Of course, making a determination of genocide was not within the mandate of the TRC. However, given the scope of the work — the most intensive, detailed examination of the impact of the residential school system — it is hardly surprising that Sinclair and his fellow commissioners came to this finding. In other words, after careful reading of the results of the TRC’s five-year odyssey, it is really impossible not to reach the same conclusion.
Sinclair, and others, certainly telegraphed their intentions in the days leading up to the report’s official release. For nearly two years, Sinclair has been using the term genocide in media interviews to describe the residential school system. As well, Supreme Court of Canada Chief Justice Beverley McLachlin used the term "cultural genocide" to describe residential schools in a speech just last week that created national headlines.
Even with all this careful spadework, the introduction of the term cultural genocide to the context of the residential school experience is bound to create a thorny national debate.
It is expected that many different types of groups, for many different reasons, will try to stop any use of the word genocide form discussion of residential schools. On one end of the spectrum, you will have Canadians who simply cannot accept that their country should be mentioned in the same breath as Germany, Rwanda or Cambodia. Even use of the qualifying word "cultural" will not provide any comfort in this regard.
On the other end of the debate there are Canadians with deep connections to the worst cases of physical genocide who believe it is a word that should be reserved solely for instances of mass killings and other violent atrocities.
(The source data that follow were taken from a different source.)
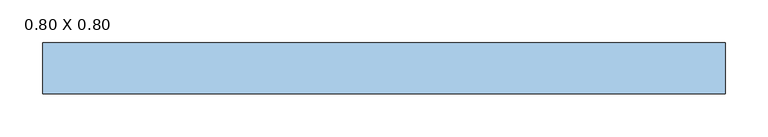
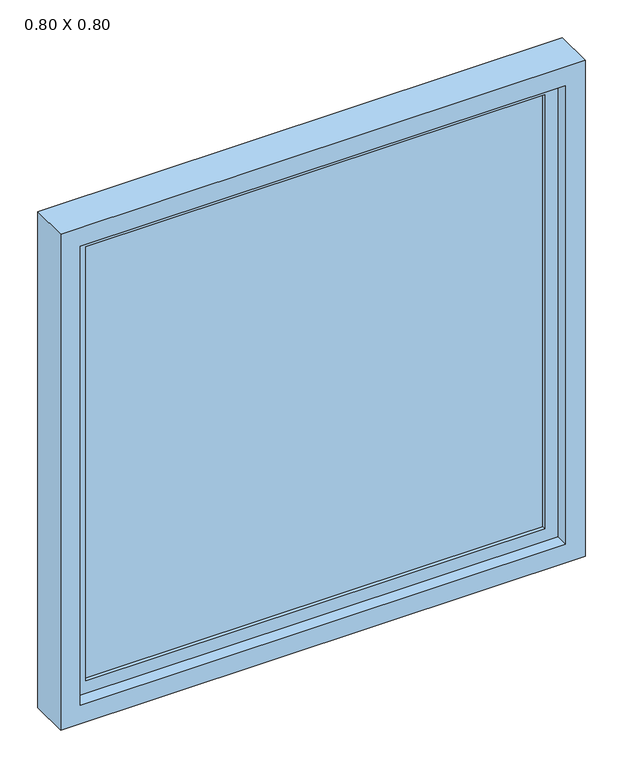
"""IFC4 building model written with IfcOpenShell, lengths in millimetres: window geometry, .CC_ND 300_MAXIM-AR : 0.80 X 0.80."""

import ifcopenshell
import ifcopenshell.guid

model = None  # the IFC model being written
_history = None  # IfcOwnerHistory: only IFC2X3 demands one
_inside = {}  # id of a spatial element -> (the spatial element, [elements in it])
_under = {}  # id of a project, library or spatial element -> (it, [spatial elements below it])
_declared = {}  # id of a project -> (the project, [libraries it declares])
_typed = {}  # id of a type object -> (the type object, [elements of that type])
_made_of = {}  # id of a material, layer set ... -> (it, [elements and type objects made of it])


def new_model(schema):
    """Start an empty IFC model of exactly this schema.

    Asked for "IFC4X3", IfcOpenShell would pick the latest addendum, in which some entities
    have other attributes; the version numbers below select the first issue.
    IFC2X3 requires an IfcOwnerHistory on every rooted entity: one is made here for all.
    """
    global model, _history
    if schema == "IFC4X3":
        model = ifcopenshell.file(schema_version=(4, 3, 0, 0))
    else:
        model = ifcopenshell.file(schema=schema)
    _inside.clear()
    _under.clear()
    _declared.clear()
    _typed.clear()
    _made_of.clear()
    _history = None
    if model.schema == "IFC2X3":
        org = make("IfcOrganization", Name="unknown")
        user = make(
            "IfcPersonAndOrganization",
            ThePerson=make("IfcPerson", FamilyName="unknown"),
            TheOrganization=org,
        )
        app = make(
            "IfcApplication",
            ApplicationDeveloper=org,
            Version="unknown",
            ApplicationFullName="unknown",
            ApplicationIdentifier="unknown",
        )
        _history = make(
            "IfcOwnerHistory",
            OwningUser=user,
            OwningApplication=app,
            ChangeAction="ADDED",
            CreationDate=0,
        )
    return model


def make(cls, **values):
    """One entity of the class cls with the attributes given. An attribute that is None is left unset."""
    return model.create_entity(
        cls, **{name: value for name, value in values.items() if value is not None}
    )


def rooted(cls, **values):
    """An entity with a GlobalId (a new one), such as an element, a storey or a relation."""
    return make(cls, GlobalId=ifcopenshell.guid.new(), OwnerHistory=_history, **values)


def si_unit(unit_type, name, prefix=None):
    """IfcSIUnit, for example si_unit("LENGTHUNIT", "METRE", prefix="MILLI")."""
    return make("IfcSIUnit", UnitType=unit_type, Prefix=prefix, Name=name)


def assignment(units):
    """IfcUnitAssignment: the units of a project."""
    return None if units is None else make("IfcUnitAssignment", Units=units)


def point(xyz):
    """IfcCartesianPoint."""
    return None if xyz is None else make("IfcCartesianPoint", Coordinates=xyz)


def direction(xyz):
    """IfcDirection."""
    return None if xyz is None else make("IfcDirection", DirectionRatios=xyz)


def frame(location, z_axis=None, x_axis=None):
    """IfcAxis2Placement3D, a coordinate frame: its origin and axes. An axis left out is left unset."""
    return make(
        "IfcAxis2Placement3D",
        Location=point(location),
        Axis=direction(z_axis),
        RefDirection=direction(x_axis),
    )


def origin():
    """The frame at (0, 0, 0) with its axes left unset."""
    return frame((0.0, 0.0, 0.0))


def place(relative_to, where):
    """IfcLocalPlacement: puts the frame where relative to a parent placement (None: the world)."""
    return make(
        "IfcLocalPlacement", PlacementRelTo=relative_to, RelativePlacement=where
    )


def context(
    kind, dimensions, precision=None, world=None, true_north=None, identifier=None
):
    """IfcGeometricRepresentationContext, for example the 3D "Model" context."""
    return make(
        "IfcGeometricRepresentationContext",
        ContextIdentifier=identifier,
        ContextType=kind,
        CoordinateSpaceDimension=dimensions,
        Precision=precision,
        WorldCoordinateSystem=world,
        TrueNorth=true_north,
    )


def project(units=None, contexts=None):
    """IfcProject with its units and contexts."""
    return rooted(
        "IfcProject",
        Name="project",
        RepresentationContexts=contexts,
        UnitsInContext=assignment(units),
    )


def spatial(cls, under=None, at=None, **own):
    """A site, building, storey or space (cls), placed at a placement, below another one or the project."""
    s = rooted(cls, ObjectPlacement=at, **own)
    if under is not None:
        _under.setdefault(under.id(), (under, []))[1].append(s)
    return s


def polyline(points):
    """IfcPolyline through the points."""
    return make("IfcPolyline", Points=[point(p) for p in points])


def outline(outer, holes=None, kind="AREA"):
    """IfcArbitraryClosedProfileDef: a profile drawn as a closed curve; with holes, ...WithVoids."""
    if holes is None:
        return make("IfcArbitraryClosedProfileDef", ProfileType=kind, OuterCurve=outer)
    return make(
        "IfcArbitraryProfileDefWithVoids",
        ProfileType=kind,
        OuterCurve=outer,
        InnerCurves=holes,
    )


def extrude(swept, where, along, depth):
    """IfcExtrudedAreaSolid: the profile swept, set in the frame where, extruded along a direction by depth."""
    return make(
        "IfcExtrudedAreaSolid",
        SweptArea=swept,
        Position=where,
        ExtrudedDirection=direction(along),
        Depth=depth,
    )


def shape(context_of_items, identifier, shape_type, items):
    """IfcShapeRepresentation: the items that make up one representation, for example the "Body"."""
    return make(
        "IfcShapeRepresentation",
        ContextOfItems=context_of_items,
        RepresentationIdentifier=identifier,
        RepresentationType=shape_type,
        Items=items,
    )


def source(mapping_origin, context_of_items, identifier, shape_type, items):
    """IfcRepresentationMap: a shape defined once, which mapped items show again and again."""
    return make(
        "IfcRepresentationMap",
        MappingOrigin=mapping_origin,
        MappedRepresentation=shape(context_of_items, identifier, shape_type, items),
    )


def transform(
    local_origin,
    x_axis=None,
    y_axis=None,
    z_axis=None,
    scale=None,
    scale2=None,
    scale3=None,
    uniform=True,
):
    """IfcCartesianTransformationOperator3D, or its non-uniform kind. x_axis, y_axis, z_axis: its Axis1, 2, 3."""
    if uniform:
        return make(
            "IfcCartesianTransformationOperator3D",
            Axis1=direction(x_axis),
            Axis2=direction(y_axis),
            LocalOrigin=point(local_origin),
            Scale=scale,
            Axis3=direction(z_axis),
        )
    return make(
        "IfcCartesianTransformationOperator3DnonUniform",
        Axis1=direction(x_axis),
        Axis2=direction(y_axis),
        LocalOrigin=point(local_origin),
        Scale=scale,
        Axis3=direction(z_axis),
        Scale2=scale2,
        Scale3=scale3,
    )


def mapped(mapping_source, mapping_target):
    """IfcMappedItem: shows the shape of a source again, moved by a transform."""
    return make(
        "IfcMappedItem", MappingSource=mapping_source, MappingTarget=mapping_target
    )


def made_of(thing, what):
    """Note that an element or type object is made of a material, layer set ...; save() writes the relation."""
    if what is not None:
        _made_of.setdefault(what.id(), (what, []))[1].append(thing)
    return thing


def element(
    cls,
    number,
    at=None,
    inside=None,
    cuts=None,
    type_object=None,
    material=None,
    context=None,
    identifier="Body",
    shape_type=None,
    held_by="IfcProductDefinitionShape",
    body=None,
    shapes=None,
    **own,
):
    """One element of the class cls, such as IfcWall. Its Tag is "e" and its number.

    at: its placement. inside: the storey or other place that contains it. cuts: it is an
    opening in that element (IfcRelVoidsElement). A single representation is given by context,
    identifier, shape_type and body (its items); several are given by shapes. held_by: the class
    of the entity that holds the representations. save() writes the other relations.
    """
    e = rooted(cls, Tag="e%d" % number, ObjectPlacement=at, **own)
    if body is not None:
        shapes = [shape(context, identifier, shape_type, body)]
    if shapes is not None:
        e.Representation = make(held_by, Representations=shapes)
    if inside is not None:
        _inside.setdefault(inside.id(), (inside, []))[1].append(e)
    if cuts is not None:
        rooted(
            "IfcRelVoidsElement", RelatingBuildingElement=cuts, RelatedOpeningElement=e
        )
    if type_object is not None:
        _typed.setdefault(type_object.id(), (type_object, []))[1].append(e)
    return made_of(e, material)


def aggregate(whole, parts):
    """IfcRelAggregates: a whole, such as a stair, and the parts it consists of."""
    return rooted("IfcRelAggregates", RelatingObject=whole, RelatedObjects=parts)


def save(model, path):
    """Write the relations noted so far, then the file.

    IfcRelAggregates (storeys below a building ...), IfcRelContainedInSpatialStructure (elements
    in a storey), IfcRelDefinesByType, IfcRelAssociatesMaterial and IfcRelDeclares: one each for
    every whole, place, type object, material and project.
    """
    for whole, parts in _under.values():
        aggregate(whole, parts)
    for where, things in _inside.values():
        rooted(
            "IfcRelContainedInSpatialStructure",
            RelatedElements=things,
            RelatingStructure=where,
        )
    for kind, things in _typed.values():
        rooted("IfcRelDefinesByType", RelatedObjects=things, RelatingType=kind)
    for what, things in _made_of.values():
        rooted("IfcRelAssociatesMaterial", RelatedObjects=things, RelatingMaterial=what)
    for by, libraries in _declared.values():
        rooted("IfcRelDeclares", RelatingContext=by, RelatedDefinitions=libraries)
    model.write(path)


def window_0_80_x_0_80_067849bc(model_context):
    return source(origin(), model_context, "Body", "SweptSolid", [
        extrude(outline(polyline([(-350.0, -4.0), (-350.0, 4.0), (350.0, 4.0), (350.0, -4.0), (-350.0, -4.0)])), frame((0.0, 0.0, 1550.0), z_axis=(0.0, 0.0, 1.0), x_axis=(1.0, 0.0, 0.0)), (0.0, 0.0, 1.0), 700.0),
        extrude(outline(polyline([(1530.0, 370.0), (2270.0, 370.0), (2270.0, -370.0), (1530.0, -370.0), (1530.0, 370.0)]), holes=[polyline([(2250.0, 350.0), (1550.0, 350.0), (1550.0, -350.0), (2250.0, -350.0), (2250.0, 350.0)])]), frame((0.0, -10.0, 0.0), z_axis=(0.0, 1.0, 0.0), x_axis=(0.0, 0.0, 1.0)), (0.0, 0.0, 1.0), 20.0),
        extrude(outline(polyline([(1500.0, 400.0), (2300.0, 400.0), (2300.0, -400.0), (1500.0, -400.0), (1500.0, 400.0)]), holes=[polyline([(2270.0, 370.0), (1530.0, 370.0), (1530.0, -370.0), (2270.0, -370.0), (2270.0, 370.0)])]), frame((0.0, -30.0, 0.0), z_axis=(0.0, 1.0, 0.0), x_axis=(0.0, 0.0, 1.0)), (0.0, 0.0, 1.0), 60.0),
    ])


if __name__ == "__main__":
    model = new_model("IFC4")
    model_context = context("Model", 3, world=origin())
    ifc_project = project(units=[si_unit("LENGTHUNIT", "METRE", prefix="MILLI")], contexts=[model_context])
    site = spatial("IfcSite", under=ifc_project)
    building = spatial("IfcBuilding", under=site)
    placement = place(None, origin())
    window_0_80_x_0_80_shape = window_0_80_x_0_80_067849bc(model_context)
    element("IfcWindow", 1, ObjectType=".CC_ND 300_MAXIM-AR : 0.80 X 0.80", at=placement, inside=building, context=model_context, shape_type="MappedRepresentation", body=[
        mapped(window_0_80_x_0_80_shape, transform((0.0, 0.0, 0.0), x_axis=(1.0, 0.0, 0.0), y_axis=(0.0, 1.0, 0.0), z_axis=(0.0, 0.0, 1.0))),
    ])
    save(model, "model.ifc")

# Revit data of these elements
# Type ".CC_ND 300_MAXIM-AR : 0.80 X 0.80"
#   Type Mark = "65"
#   Largura Painel [instance default] = 0.02 m
#   Largura Esquadria [instance default] = 0.06 m
#   Espessura Vidro [instance default] = 0.008 m
#   Espessura Painel [instance default] = 0.02 m
#   Espessura Esquadria [instance default] = 0.03 m
#   Height = 0.80 m
#   Altura-padrão do peitoril = 1.50 m
#   Width = 0.80 m
#   Vidro = .VIDRO GENÉRICO
#   Esquadria = .ALUMÍNIO COM PINTURA ELETROSTÁTICA BRANCA
#   Wall Closure = (empty or 0)
# Element 1 (IfcWindow, ".CC_ND 300_MAXIM-AR : 0.80 X 0.80")
#   Materials on its faces: ".ALUMÍNIO COM PINTURA ELETROSTÁTICA BRANCA", ".VIDRO GENÉRICO"
# Materials
#   ".VIDRO GENÉRICO": class ".CC_VIDRO", colour RGB 0 128 192, transparency 0.9, Description = "Vidro comum", Cost = 0
#   ".ALUMÍNIO COM PINTURA ELETROSTÁTICA BRANCA": class "CC_METAIS", colour RGB 241 241 241, transparency 0, Cost = 0

What all Canadians need to understand is that Lemkin clearly anticipated all of these complications when he defined the various components of genocide. It was his opinion that there are various approaches to the extermination of an entire people, some more subtle than others, but all of them dedicated to the same vile goal.
The TRC’s use of the term cultural genocide should spark a national debate. And, one would hope, a national day of reckoning.
You can’t remedy a mistake unless you fully admit what it is you did. For the sake of all our citizens, Canada needs to fully admit what it did.